Cluster Telemetry Deployment & Maintenance Guide

The target audience for this document includes Google employees on the Skia infra team. Other Googlers can request access to the tools and resources mentioned here by contacting skiabot@. Access is not available to non-Googlers, but you could create your own setup if desired.

Intro

General overview of CT is available here.

Code locations

Frontend server code lives in:

  • go/ctfe/...
  • res/...
  • templates/...
  • elements.html
  • ../package.json
  • sys/...

To build the frontend server, use make ctfe. To create a new docker build, use make ctfe_release. To deploy the latest docker build on the kubernetes ctfe service, use make ctfe_push.

Master code lives in:

  • go/master_scripts/...
  • go/poller/...
  • go/frontend/...
  • py/...

To build the master binaries, use make master_scripts. To create a new docker build, use make ctmaster_release. To deploy the latest docker build on the kubernetes ct-master servce, use make ctmaster_push.

Worker code lives in go/worker_scripts/...

To build the worker binaries, use make worker_scripts.

Prober config is in probers.json5. Alerts config is in ../promk/prometheus/alerts_public.yml.

Running locally

Frontend

To start a local server, run:

make ctfe_debug && ctfe --local=true \
  --port=:8000 \
  --host=<your hostname>.cnc.corp.google.com \
  --namespace=cluster-telemetry-staging

You can then access the server at localhost:8000 or <your hostname>.cnc.corp.google.com:8000.

The host argument is optional and allows others to log in to your server. Initially you will get an error when logging in; follow the instructions on the error page. The host argument will also be included in metrics names.

To test prober config changes, edit the config in probers.json5 to point to localhost:8000, then run make && prober --use_metadata=false from ../prober/.

To check metrics from a locally running server or prober, use Prometheus.

Master

The master poller and master scripts require a /b directory containing various repos and files. To run the master poller in dry-run mode (not very useful), run

make poller && poller --local=true \
  --dry_run

To run master scripts locally, you may want to modify the code to skip steps or exit early, e.g.:

diff --git a/ct/go/master_scripts/build_chromium/main.go b/ct/go/master_scripts/build_chromium/main.go
index 1c5c273..34ceb3a 100644
--- a/ct/go/master_scripts/build_chromium/main.go
+++ b/ct/go/master_scripts/build_chromium/main.go
@@ -73,6 +73,11 @@ func main() {
        // Ensure webapp is updated and completion email is sent even if task fails.
        defer updateWebappTask()
        defer sendEmail(emailsArr)
+       if 1 == 1 {
+               time.Sleep(10 * time.Second)
+               taskCompletedSuccessfully = true
+               return
+       }
        // Cleanup tmp files after the run.
        defer util.CleanTmpDir()
        // Finish with glog flush and how long the task took.
  • Master scripts include capture_archives_on_workers, create_pagesets_on_workers, run_chromium_perf_on_workers.

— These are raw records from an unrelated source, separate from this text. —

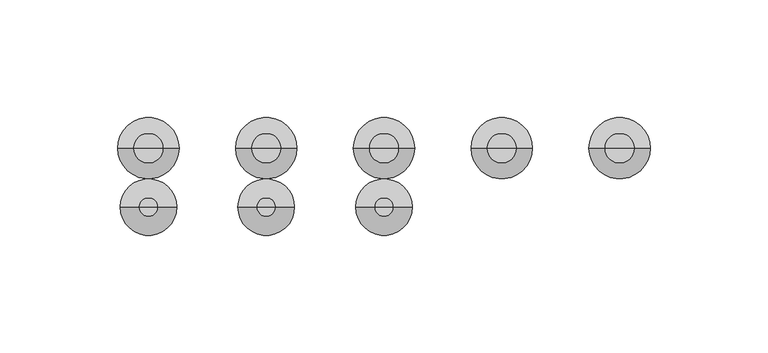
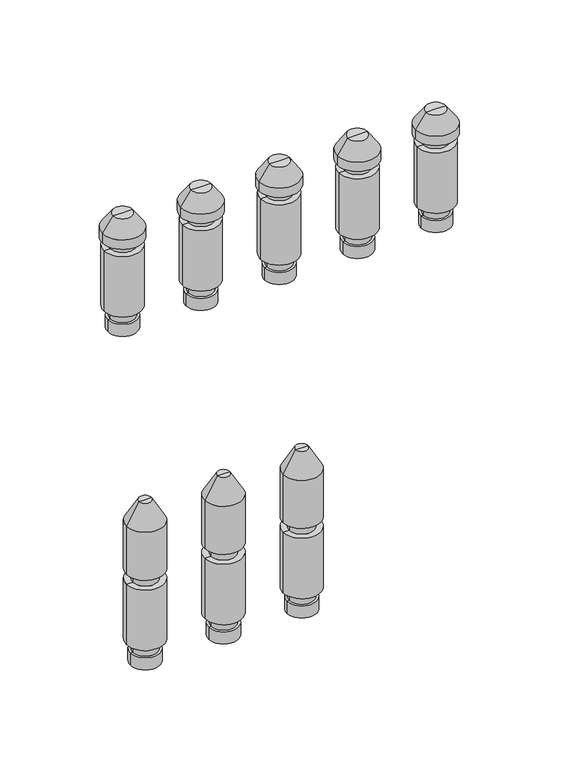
"""IFC4 building model written with IfcOpenShell, lengths in millimetres: valve geometry."""

from ifc_helpers import new_model, si_unit, frame, origin, place, context, project, spatial, polyline, circle_curve, source, transform, mapped, element, save
from ifc_brep_helpers import plane_surface, cylinder_surface, revolved_surface, advanced_brep


def valve_6797e1c4(model_context):
    return source(origin(), model_context, "Body", "AdvancedBrep", [
        advanced_brep(
        [(178.5, 0.0, -35.11267), (197.5, 0.0, -35.11267), (188.0, 0.0, -35.11267), (178.5, 0.0, -27.0369646), (197.5, 0.0, -27.0369646), (180.0, 0.0, -27.0369646), (196.0, 0.0, -27.0369646), (180.0, 0.0, -20.330253), (196.0, 0.0, -20.330253), (176.0, 0.0, -20.330253), (200.0, 0.0, -20.330253), (176.0, 0.0, 20.330253), (200.0, 0.0, 20.330253), (180.0, 0.0, 20.330253), (196.0, 0.0, 20.330253), (180.0, 0.0, 27.0474786), (196.0, 0.0, 27.0474786), (176.0, 0.0, 27.0474786), (200.0, 0.0, 27.0474786), (176.0, 0.0, 59.4084325), (200.0, 0.0, 59.4084325), (184.0, 0.0, 73.264839), (192.0, 0.0, 73.264839), (188.0, 0.0, 73.264839)],
        [
            (0, 1, circle_curve(frame((188.0, 0.0, -35.11267), z_axis=(0.0, 0.0, -1.0), x_axis=(1.0, 0.0, 0.0)), 9.5)),
            (1, 2),
            (2, 0),
            (1, 0, circle_curve(frame((188.0, 0.0, -35.11267), z_axis=(0.0, 0.0, -1.0), x_axis=(1.0, 0.0, 0.0)), 9.5)),
            (3, 4, circle_curve(frame((188.0, 0.0, -27.0369646), z_axis=(0.0, 0.0, -1.0), x_axis=(1.0, 0.0, 0.0)), 9.5)),
            (4, 1),
            (0, 3),
            (4, 3, circle_curve(frame((188.0, 0.0, -27.0369646), z_axis=(0.0, 0.0, -1.0), x_axis=(1.0, 0.0, 0.0)), 9.5)),
            (5, 6, circle_curve(frame((188.0, 0.0, -27.0369646), z_axis=(0.0, 0.0, -1.0), x_axis=(1.0, 0.0, 0.0)), 8.0)),
            (6, 4),
            (3, 5),
            (6, 5, circle_curve(frame((188.0, 0.0, -27.0369646), z_axis=(0.0, 0.0, -1.0), x_axis=(1.0, 0.0, 0.0)), 8.0)),
            (7, 8, circle_curve(frame((188.0, 0.0, -20.330253), z_axis=(0.0, 0.0, -1.0), x_axis=(1.0, 0.0, 0.0)), 8.0)),
            (8, 6),
            (5, 7),
            (8, 7, circle_curve(frame((188.0, 0.0, -20.330253), z_axis=(0.0, 0.0, -1.0), x_axis=(1.0, 0.0, 0.0)), 8.0)),
            (9, 10, circle_curve(frame((188.0, 0.0, -20.330253), z_axis=(0.0, 0.0, -1.0), x_axis=(1.0, 0.0, 0.0)), 12.0)),
            (10, 8),
            (7, 9),
            (10, 9, circle_curve(frame((188.0, 0.0, -20.330253), z_axis=(0.0, 0.0, -1.0), x_axis=(1.0, 0.0, 0.0)), 12.0)),
            (11, 12, circle_curve(frame((188.0, 0.0, 20.330253), z_axis=(0.0, 0.0, -1.0), x_axis=(1.0, 0.0, 0.0)), 12.0)),
            (12, 10),
            (9, 11),
            (12, 11, circle_curve(frame((188.0, 0.0, 20.330253), z_axis=(0.0, 0.0, -1.0), x_axis=(1.0, 0.0, 0.0)), 12.0)),
            (13, 14, circle_curve(frame((188.0, 0.0, 20.330253), z_axis=(0.0, 0.0, -1.0), x_axis=(1.0, 0.0, 0.0)), 8.0)),
            (14, 12),
            (11, 13),
            (14, 13, circle_curve(frame((188.0, 0.0, 20.330253), z_axis=(0.0, 0.0, -1.0), x_axis=(1.0, 0.0, 0.0)), 8.0)),
            (15, 16, circle_curve(frame((188.0, 0.0, 27.0474786), z_axis=(0.0, 0.0, -1.0), x_axis=(1.0, 0.0, 0.0)), 8.0)),
            (16, 14),
            (13, 15),
            (16, 15, circle_curve(frame((188.0, 0.0, 27.0474786), z_axis=(0.0, 0.0, -1.0), x_axis=(1.0, 0.0, 0.0)), 8.0)),
            (17, 18, circle_curve(frame((188.0, 0.0, 27.0474786), z_axis=(0.0, 0.0, -1.0), x_axis=(1.0, 0.0, 0.0)), 12.0)),
            (18, 16),
            (15, 17),
            (18, 17, circle_curve(frame((188.0, 0.0, 27.0474786), z_axis=(0.0, 0.0, -1.0), x_axis=(1.0, 0.0, 0.0)), 12.0)),
            (19, 20, circle_curve(frame((188.0, 0.0, 59.4084325), z_axis=(0.0, 0.0, -1.0), x_axis=(1.0, 0.0, 0.0)), 12.0)),
            (20, 18),
            (17, 19),
            (20, 19, circle_curve(frame((188.0, 0.0, 59.4084325), z_axis=(0.0, 0.0, -1.0), x_axis=(1.0, 0.0, 0.0)), 12.0)),
            (21, 22, circle_curve(frame((188.0, 0.0, 73.264839), z_axis=(0.0, 0.0, -1.0), x_axis=(1.0, 0.0, 0.0)), 4.0)),
            (22, 20),
            (19, 21),
            (22, 21, circle_curve(frame((188.0, 0.0, 73.264839), z_axis=(0.0, 0.0, -1.0), x_axis=(1.0, 0.0, 0.0)), 4.0)),
            (23, 22),
            (21, 23),
        ],
        [
            plane_surface(frame((188.0, 0.0, -35.11267), z_axis=(0.0, 0.0, -1.0), x_axis=(1.0, 0.0, 0.0))),
            cylinder_surface(frame((188.0, 0.0, 58.264839), z_axis=(0.0, 0.0, 1.0), x_axis=(1.0, 0.0, 0.0)), 9.5),
            plane_surface(frame((188.0, 0.0, -27.0369646), z_axis=(0.0, 0.0, 1.0), x_axis=(1.0, 0.0, 0.0))),
            cylinder_surface(frame((188.0, 0.0, 58.264839), z_axis=(0.0, 0.0, 1.0), x_axis=(1.0, 0.0, 0.0)), 8.0),
            plane_surface(frame((188.0, 0.0, -20.330253), z_axis=(0.0, 0.0, -1.0), x_axis=(1.0, 0.0, 0.0))),
            cylinder_surface(frame((188.0, 0.0, 58.264839), z_axis=(0.0, 0.0, 1.0), x_axis=(1.0, 0.0, 0.0)), 12.0),
            plane_surface(frame((188.0, 0.0, 20.330253), z_axis=(0.0, 0.0, 1.0), x_axis=(1.0, 0.0, 0.0))),
            plane_surface(frame((188.0, 0.0, 27.0474786), z_axis=(0.0, 0.0, -1.0), x_axis=(1.0, 0.0, 0.0))),
            revolved_surface(polyline([(200.0, 0.0, 59.4084325), (192.0, 0.0, 73.264839)]), (188.0, 0.0, 58.264839), (0.0, 0.0, 1.0)),
            plane_surface(frame((188.0, 0.0, 73.264839), z_axis=(0.0, 0.0, 1.0), x_axis=(1.0, 0.0, 0.0))),
        ],
        [
            (0, [[1, 2, 3]]),
            (0, [[4, -3, -2]]),
            (1, [[5, 6, -1, 7]]),
            (1, [[8, -7, -4, -6]]),
            (2, [[9, 10, -5, 11]]),
            (2, [[12, -11, -8, -10]]),
            (3, [[13, 14, -9, 15]]),
            (3, [[16, -15, -12, -14]]),
            (4, [[17, 18, -13, 19]]),
            (4, [[20, -19, -16, -18]]),
            (5, [[21, 22, -17, 23]]),
            (5, [[24, -23, -20, -22]]),
            (6, [[25, 26, -21, 27]]),
            (6, [[28, -27, -24, -26]]),
            (3, [[29, 30, -25, 31]]),
            (3, [[32, -31, -28, -30]]),
            (7, [[33, 34, -29, 35]]),
            (7, [[36, -35, -32, -34]]),
            (5, [[37, 38, -33, 39]]),
            (5, [[40, -39, -36, -38]]),
            (8, [[41, 42, -37, 43]]),
            (8, [[44, -43, -40, -42]]),
            (9, [[45, -41, 46]]),
            (9, [[-46, -44, -45]]),
        ],
    ),
        advanced_brep(
        [(128.5, 0.0, -35.11267), (147.5, 0.0, -35.11267), (138.0, 0.0, -35.11267), (128.5, 0.0, -27.0369646), (147.5, 0.0, -27.0369646), (130.0, 0.0, -27.0369646), (146.0, 0.0, -27.0369646), (130.0, 0.0, -20.330253), (146.0, 0.0, -20.330253), (126.0, 0.0, -20.330253), (150.0, 0.0, -20.330253), (126.0, 0.0, 20.330253), (150.0, 0.0, 20.330253), (130.0, 0.0, 20.330253), (146.0, 0.0, 20.330253), (130.0, 0.0, 27.0474786), (146.0, 0.0, 27.0474786), (126.0, 0.0, 27.0474786), (150.0, 0.0, 27.0474786), (126.0, 0.0, 59.4084325), (150.0, 0.0, 59.4084325), (134.0, 0.0, 73.264839), (142.0, 0.0, 73.264839), (138.0, 0.0, 73.264839)],
        [
            (0, 1, circle_curve(frame((138.0, 0.0, -35.11267), z_axis=(0.0, 0.0, -1.0), x_axis=(1.0, 0.0, 0.0)), 9.5)),
            (1, 2),
            (2, 0),
            (1, 0, circle_curve(frame((138.0, 0.0, -35.11267), z_axis=(0.0, 0.0, -1.0), x_axis=(1.0, 0.0, 0.0)), 9.5)),
            (3, 4, circle_curve(frame((138.0, 0.0, -27.0369646), z_axis=(0.0, 0.0, -1.0), x_axis=(1.0, 0.0, 0.0)), 9.5)),
            (4, 1),
            (0, 3),
            (4, 3, circle_curve(frame((138.0, 0.0, -27.0369646), z_axis=(0.0, 0.0, -1.0), x_axis=(1.0, 0.0, 0.0)), 9.5)),
            (5, 6, circle_curve(frame((138.0, 0.0, -27.0369646), z_axis=(0.0, 0.0, -1.0), x_axis=(1.0, 0.0, 0.0)), 8.0)),
            (6, 4),
            (3, 5),
            (6, 5, circle_curve(frame((138.0, 0.0, -27.0369646), z_axis=(0.0, 0.0, -1.0), x_axis=(1.0, 0.0, 0.0)), 8.0)),
            (7, 8, circle_curve(frame((138.0, 0.0, -20.330253), z_axis=(0.0, 0.0, -1.0), x_axis=(1.0, 0.0, 0.0)), 8.0)),
            (8, 6),
            (5, 7),
            (8, 7, circle_curve(frame((138.0, 0.0, -20.330253), z_axis=(0.0, 0.0, -1.0), x_axis=(1.0, 0.0, 0.0)), 8.0)),
            (9, 10, circle_curve(frame((138.0, 0.0, -20.330253), z_axis=(0.0, 0.0, -1.0), x_axis=(1.0, 0.0, 0.0)), 12.0)),
            (10, 8),
            (7, 9),
            (10, 9, circle_curve(frame((138.0, 0.0, -20.330253), z_axis=(0.0, 0.0, -1.0), x_axis=(1.0, 0.0, 0.0)), 12.0)),
            (11, 12, circle_curve(frame((138.0, 0.0, 20.330253), z_axis=(0.0, 0.0, -1.0), x_axis=(1.0, 0.0, 0.0)), 12.0)),
            (12, 10),
            (9, 11),
            (12, 11, circle_curve(frame((138.0, 0.0, 20.330253), z_axis=(0.0, 0.0, -1.0), x_axis=(1.0, 0.0, 0.0)), 12.0)),
            (13, 14, circle_curve(frame((138.0, 0.0, 20.330253), z_axis=(0.0, 0.0, -1.0), x_axis=(1.0, 0.0, 0.0)), 8.0)),
            (14, 12),
            (11, 13),
            (14, 13, circle_curve(frame((138.0, 0.0, 20.330253), z_axis=(0.0, 0.0, -1.0), x_axis=(1.0, 0.0, 0.0)), 8.0)),
            (15, 16, circle_curve(frame((138.0, 0.0, 27.0474786), z_axis=(0.0, 0.0, -1.0), x_axis=(1.0, 0.0, 0.0)), 8.0)),
            (16, 14),
            (13, 15),
            (16, 15, circle_curve(frame((138.0, 0.0, 27.0474786), z_axis=(0.0, 0.0, -1.0), x_axis=(1.0, 0.0, 0.0)), 8.0)),
            (17, 18, circle_curve(frame((138.0, 0.0, 27.0474786), z_axis=(0.0, 0.0, -1.0), x_axis=(1.0, 0.0, 0.0)), 12.0)),
            (18, 16),
            (15, 17),
            (18, 17, circle_curve(frame((138.0, 0.0, 27.0474786), z_axis=(0.0, 0.0, -1.0), x_axis=(1.0, 0.0, 0.0)), 12.0)),
            (19, 20, circle_curve(frame((138.0, 0.0, 59.4084325), z_axis=(0.0, 0.0, -1.0), x_axis=(1.0, 0.0, 0.0)), 12.0)),
            (20, 18),
            (17, 19),
            (20, 19, circle_curve(frame((138.0, 0.0, 59.4084325), z_axis=(0.0, 0.0, -1.0), x_axis=(1.0, 0.0, 0.0)), 12.0)),
            (21, 22, circle_curve(frame((138.0, 0.0, 73.264839), z_axis=(0.0, 0.0, -1.0), x_axis=(1.0, 0.0, 0.0)), 4.0)),
            (22, 20),
            (19, 21),
            (22, 21, circle_curve(frame((138.0, 0.0, 73.264839), z_axis=(0.0, 0.0, -1.0), x_axis=(1.0, 0.0, 0.0)), 4.0)),
            (23, 22),
            (21, 23),
        ],
        [
            plane_surface(frame((138.0, 0.0, -35.11267), z_axis=(0.0, 0.0, -1.0), x_axis=(1.0, 0.0, 0.0))),
            cylinder_surface(frame((138.0, 0.0, 58.264839), z_axis=(0.0, 0.0, 1.0), x_axis=(1.0, 0.0, 0.0)), 9.5),
            plane_surface(frame((138.0, 0.0, -27.0369646), z_axis=(0.0, 0.0, 1.0), x_axis=(1.0, 0.0, 0.0))),
            cylinder_surface(frame((138.0, 0.0, 58.264839), z_axis=(0.0, 0.0, 1.0), x_axis=(1.0, 0.0, 0.0)), 8.0),
            plane_surface(frame((138.0, 0.0, -20.330253), z_axis=(0.0, 0.0, -1.0), x_axis=(1.0, 0.0, 0.0))),
            cylinder_surface(frame((138.0, 0.0, 58.264839), z_axis=(0.0, 0.0, 1.0), x_axis=(1.0, 0.0, 0.0)), 12.0),
            plane_surface(frame((138.0, 0.0, 20.330253), z_axis=(0.0, 0.0, 1.0), x_axis=(1.0, 0.0, 0.0))),
            plane_surface(frame((138.0, 0.0, 27.0474786), z_axis=(0.0, 0.0, -1.0), x_axis=(1.0, 0.0, 0.0))),
            revolved_surface(polyline([(150.0, 0.0, 59.4084325), (142.0, 0.0, 73.264839)]), (138.0, 0.0, 58.264839), (0.0, 0.0, 1.0)),
            plane_surface(frame((138.0, 0.0, 73.264839), z_axis=(0.0, 0.0, 1.0), x_axis=(1.0, 0.0, 0.0))),
        ],
        [
            (0, [[1, 2, 3]]),
            (0, [[4, -3, -2]]),
            (1, [[5, 6, -1, 7]]),
            (1, [[8, -7, -4, -6]]),
            (2, [[9, 10, -5, 11]]),
            (2, [[12, -11, -8, -10]]),
            (3, [[13, 14, -9, 15]]),
            (3, [[16, -15, -12, -14]]),
            (4, [[17, 18, -13, 19]]),
            (4, [[20, -19, -16, -18]]),
            (5, [[21, 22, -17, 23]]),
            (5, [[24, -23, -20, -22]]),
            (6, [[25, 26, -21, 27]]),
            (6, [[28, -27, -24, -26]]),
            (3, [[29, 30, -25, 31]]),
            (3, [[32, -31, -28, -30]]),
            (7, [[33, 34, -29, 35]]),
            (7, [[36, -35, -32, -34]]),
            (5, [[37, 38, -33, 39]]),
            (5, [[40, -39, -36, -38]]),
            (8, [[41, 42, -37, 43]]),
            (8, [[44, -43, -40, -42]]),
            (9, [[45, -41, 46]]),
            (9, [[-46, -44, -45]]),
        ],
    ),
        advanced_brep(
        [(278.5, 25.0, 174.88733), (297.5, 25.0, 174.88733), (288.0, 25.0, 174.88733), (278.5, 25.0, 182.9630354), (297.5, 25.0, 182.9630354), (280.0, 25.0, 182.9630354), (296.0, 25.0, 182.9630354), (280.0, 25.0, 189.669747), (296.0, 25.0, 189.669747), (276.0, 25.0, 189.669747), (300.0, 25.0, 189.669747), (276.0, 25.0, 230.330253), (300.0, 25.0, 230.330253), (280.0, 25.0, 230.330253), (296.0, 25.0, 230.330253), (280.0, 25.0, 236.0474786), (296.0, 25.0, 236.0474786), (275.0, 25.0, 236.0474786), (301.0, 25.0, 236.0474786), (275.0, 25.0, 242.337955), (301.0, 25.0, 242.337955), (281.6551779, 25.0, 251.842534), (294.3448221, 25.0, 251.842534), (288.0, 25.0, 251.842534)],
        [
            (0, 1, circle_curve(frame((288.0, 25.0, 174.88733), z_axis=(0.0, 0.0, -1.0), x_axis=(1.0, 0.0, 0.0)), 9.5)),
            (1, 2),
            (2, 0),
            (1, 0, circle_curve(frame((288.0, 25.0, 174.88733), z_axis=(0.0, 0.0, -1.0), x_axis=(1.0, 0.0, 0.0)), 9.5)),
            (3, 4, circle_curve(frame((288.0, 25.0, 182.9630354), z_axis=(0.0, 0.0, -1.0), x_axis=(1.0, 0.0, 0.0)), 9.5)),
            (4, 1),
            (0, 3),
            (4, 3, circle_curve(frame((288.0, 25.0, 182.9630354), z_axis=(0.0, 0.0, -1.0), x_axis=(1.0, 0.0, 0.0)), 9.5)),
            (5, 6, circle_curve(frame((288.0, 25.0, 182.9630354), z_axis=(0.0, 0.0, -1.0), x_axis=(1.0, 0.0, 0.0)), 8.0)),
            (6, 4),
            (3, 5),
            (6, 5, circle_curve(frame((288.0, 25.0, 182.9630354), z_axis=(0.0, 0.0, -1.0), x_axis=(1.0, 0.0, 0.0)), 8.0)),
            (7, 8, circle_curve(frame((288.0, 25.0, 189.669747), z_axis=(0.0, 0.0, -1.0), x_axis=(1.0, 0.0, 0.0)), 8.0)),
            (8, 6),
            (5, 7),
            (8, 7, circle_curve(frame((288.0, 25.0, 189.669747), z_axis=(0.0, 0.0, -1.0), x_axis=(1.0, 0.0, 0.0)), 8.0)),
            (9, 10, circle_curve(frame((288.0, 25.0, 189.669747), z_axis=(0.0, 0.0, -1.0), x_axis=(1.0, 0.0, 0.0)), 12.0)),
            (10, 8),
            (7, 9),
            (10, 9, circle_curve(frame((288.0, 25.0, 189.669747), z_axis=(0.0, 0.0, -1.0), x_axis=(1.0, 0.0, 0.0)), 12.0)),
            (11, 12, circle_curve(frame((288.0, 25.0, 230.330253), z_axis=(0.0, 0.0, -1.0), x_axis=(1.0, 0.0, 0.0)), 12.0)),
            (12, 10),
            (9, 11),
            (12, 11, circle_curve(frame((288.0, 25.0, 230.330253), z_axis=(0.0, 0.0, -1.0), x_axis=(1.0, 0.0, 0.0)), 12.0)),
            (13, 14, circle_curve(frame((288.0, 25.0, 230.330253), z_axis=(0.0, 0.0, -1.0), x_axis=(1.0, 0.0, 0.0)), 8.0)),
            (14, 12),
            (11, 13),
            (14, 13, circle_curve(frame((288.0, 25.0, 230.330253), z_axis=(0.0, 0.0, -1.0), x_axis=(1.0, 0.0, 0.0)), 8.0)),
            (15, 16, circle_curve(frame((288.0, 25.0, 236.0474786), z_axis=(0.0, 0.0, -1.0), x_axis=(1.0, 0.0, 0.0)), 8.0)),
            (16, 14),
            (13, 15),
            (16, 15, circle_curve(frame((288.0, 25.0, 236.0474786), z_axis=(0.0, 0.0, -1.0), x_axis=(1.0, 0.0, 0.0)), 8.0)),
            (17, 18, circle_curve(frame((288.0, 25.0, 236.0474786), z_axis=(0.0, 0.0, -1.0), x_axis=(1.0, 0.0, 0.0)), 13.0)),
            (18, 16),
            (15, 17),
            (18, 17, circle_curve(frame((288.0, 25.0, 236.0474786), z_axis=(0.0, 0.0, -1.0), x_axis=(1.0, 0.0, 0.0)), 13.0)),
            (19, 20, circle_curve(frame((288.0, 25.0, 242.337955), z_axis=(0.0, 0.0, -1.0), x_axis=(1.0, 0.0, 0.0)), 13.0)),
            (20, 18),
            (17, 19),
            (20, 19, circle_curve(frame((288.0, 25.0, 242.337955), z_axis=(0.0, 0.0, -1.0), x_axis=(1.0, 0.0, 0.0)), 13.0)),
            (21, 22, circle_curve(frame((288.0, 25.0, 251.842534), z_axis=(0.0, 0.0, -1.0), x_axis=(1.0, 0.0, 0.0)), 6.3448221)),
            (22, 20),
            (19, 21),
            (22, 21, circle_curve(frame((288.0, 25.0, 251.842534), z_axis=(0.0, 0.0, -1.0), x_axis=(1.0, 0.0, 0.0)), 6.3448221)),
            (23, 22),
            (21, 23),
        ],
        [
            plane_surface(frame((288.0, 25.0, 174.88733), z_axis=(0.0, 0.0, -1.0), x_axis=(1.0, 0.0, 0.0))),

You can run the poller as:

make poller && poller --local=true

Workers

The Makefile has examples of running the worker scripts locally.

TODO(benjaminwagner): Add local flag and kill e2e_tests from Makefile.

Running in prod

Frontend

The CTFE production datastore instance is here. The staging datastore instance is here.

The frontend runs on a Google Cloud Kubernetes service named ctfe. Its dockerfile is in ctfe/Dockerfile.

To build the frontend server, use make ctfe. To create a new docker build, use make ctfe_release. To deploy the latest docker build on the kubernetes ctfe service, use make ctfe_push. You can then see the updated frontend at ct.skia.org.

To access ctfe directly, use kubectl exec -it $(kubectl get pod --selector="app=ctfe" -o jsonpath='{.items[0].metadata.name}') bash.

Frontend logs are available here.

Master

The poller and master scripts run on a Google cloud kubernetes service named ct-master. Its dockerfile is in ct-master/Dockerfile.

To push a new build to the poller safely, check that the CTFE task queue is empty and then run make ctmaster_release && make ctmaster_push.

To access ct-master directly, use kubectl exec -it $(kubectl get pod --selector="app=ct-master" -o jsonpath='{.items[0].metadata.name}') bash.

Poller logs are available here.

Workers

Worker scripts are part of the docker build when ctmaster_release is run. However, from time to time, it may be necessary to perform maintenance tasks on all worker machines. In this case, the run_on_swarming_bots script can be used to update all CT bots.

Other maintenance

Updating pagesets

TODO(rmistry): Where do CSV files come from, where to put in GS.

Access to Golo

CT's Golo bots are visible here.

To log in to Golo bots, see go/chrome-infra-build-access.